↓↓↓

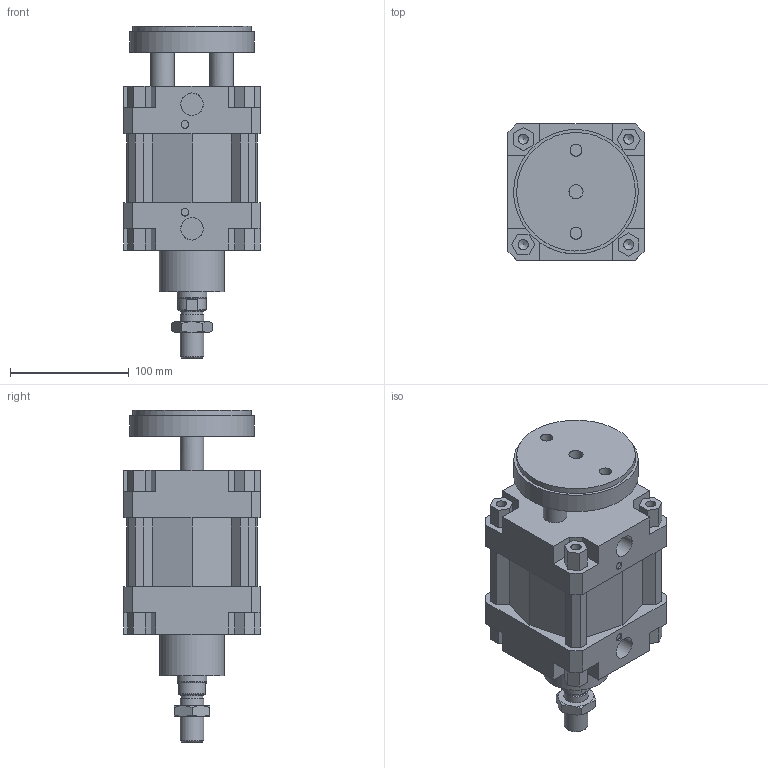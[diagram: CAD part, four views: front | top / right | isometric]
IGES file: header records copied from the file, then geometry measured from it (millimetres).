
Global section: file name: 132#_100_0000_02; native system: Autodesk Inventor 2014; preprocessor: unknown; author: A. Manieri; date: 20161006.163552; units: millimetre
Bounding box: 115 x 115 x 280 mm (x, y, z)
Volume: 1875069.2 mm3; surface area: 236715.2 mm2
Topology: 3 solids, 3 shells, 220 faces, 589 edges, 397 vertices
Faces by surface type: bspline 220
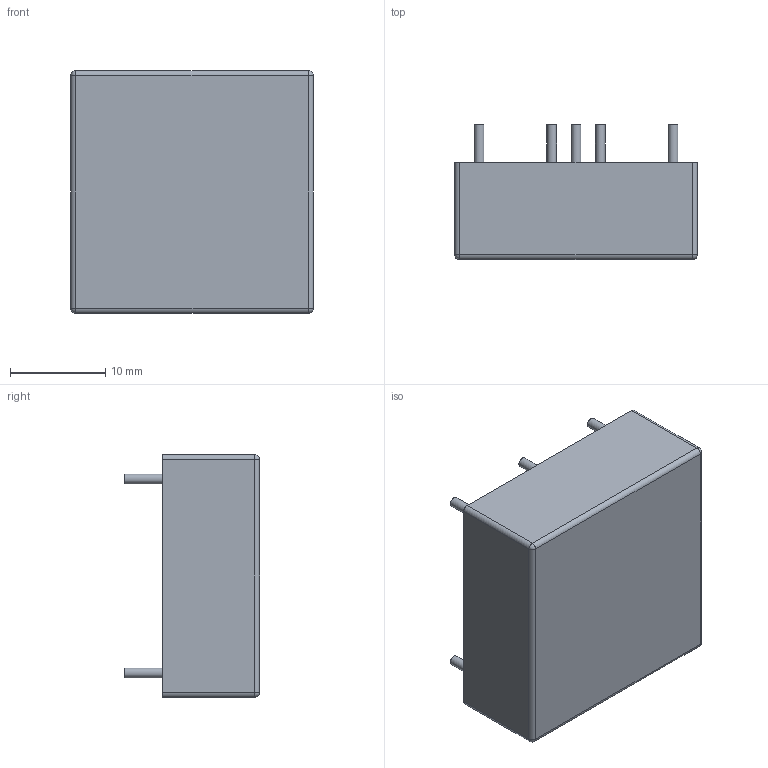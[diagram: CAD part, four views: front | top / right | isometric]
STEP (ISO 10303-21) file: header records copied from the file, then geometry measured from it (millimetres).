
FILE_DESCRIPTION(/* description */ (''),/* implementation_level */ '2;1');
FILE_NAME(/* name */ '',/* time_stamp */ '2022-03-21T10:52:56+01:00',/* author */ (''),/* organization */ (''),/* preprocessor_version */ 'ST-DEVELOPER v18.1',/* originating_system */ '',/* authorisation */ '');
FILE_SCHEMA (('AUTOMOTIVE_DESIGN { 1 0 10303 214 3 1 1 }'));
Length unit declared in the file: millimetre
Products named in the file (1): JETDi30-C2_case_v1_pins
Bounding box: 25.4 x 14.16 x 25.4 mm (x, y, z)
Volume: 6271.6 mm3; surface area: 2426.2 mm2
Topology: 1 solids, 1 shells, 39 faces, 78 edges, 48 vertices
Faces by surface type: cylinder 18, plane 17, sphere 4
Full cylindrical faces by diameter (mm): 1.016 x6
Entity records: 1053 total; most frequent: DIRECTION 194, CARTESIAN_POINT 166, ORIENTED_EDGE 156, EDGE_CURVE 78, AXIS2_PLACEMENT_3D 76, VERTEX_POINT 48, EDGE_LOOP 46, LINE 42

↑↑↑

Task description:
Return the full material word for word. Do not include the pictures.

Written answer:
[diagram: CAD part, four views: front | top / right | isometric]
IGES file: header records copied from the file, then geometry measured from it (millimetres).
Global section: file name: 132#_100_0000_02; native system: Autodesk Inventor 2014; preprocessor: unknown; author: A. Manieri; date: 20161006.163552; units: millimetre
Bounding box: 115 x 115 x 280 mm (x, y, z)
Volume: 1875069.2 mm3; surface area: 236715.2 mm2
Topology: 3 solids, 3 shells, 220 faces, 589 edges, 397 vertices
Faces by surface type: bspline 220
[diagram: CAD part, four views: front | top / right | isometric]
STEP (ISO 10303-21) file: header records copied from the file, then geometry measured from it (millimetres).
FILE_DESCRIPTION(/* description */ (''),/* implementation_level */ '2;1');
FILE_NAME(/* name */ '',/* time_stamp */ '2022-03-21T10:52:56+01:00',/* author */ (''),/* organization */ (''),/* preprocessor_version */ 'ST-DEVELOPER v18.1',/* originating_system */ '',/* authorisation */ '');
FILE_SCHEMA (('AUTOMOTIVE_DESIGN { 1 0 10303 214 3 1 1 }'));
Length unit declared in the file: millimetre
Products named in the file (1): JETDi30-C2_case_v1_pins
Bounding box: 25.4 x 14.16 x 25.4 mm (x, y, z)
Volume: 6271.6 mm3; surface area: 2426.2 mm2
Topology: 1 solids, 1 shells, 39 faces, 78 edges, 48 vertices
Faces by surface type: cylinder 18, plane 17, sphere 4
Full cylindrical faces by diameter (mm): 1.016 x6
Entity records: 1053 total; most frequent: DIRECTION 194, CARTESIAN_POINT 166, ORIENTED_EDGE 156, EDGE_CURVE 78, AXIS2_PLACEMENT_3D 76, VERTEX_POINT 48, EDGE_LOOP 46, LINE 42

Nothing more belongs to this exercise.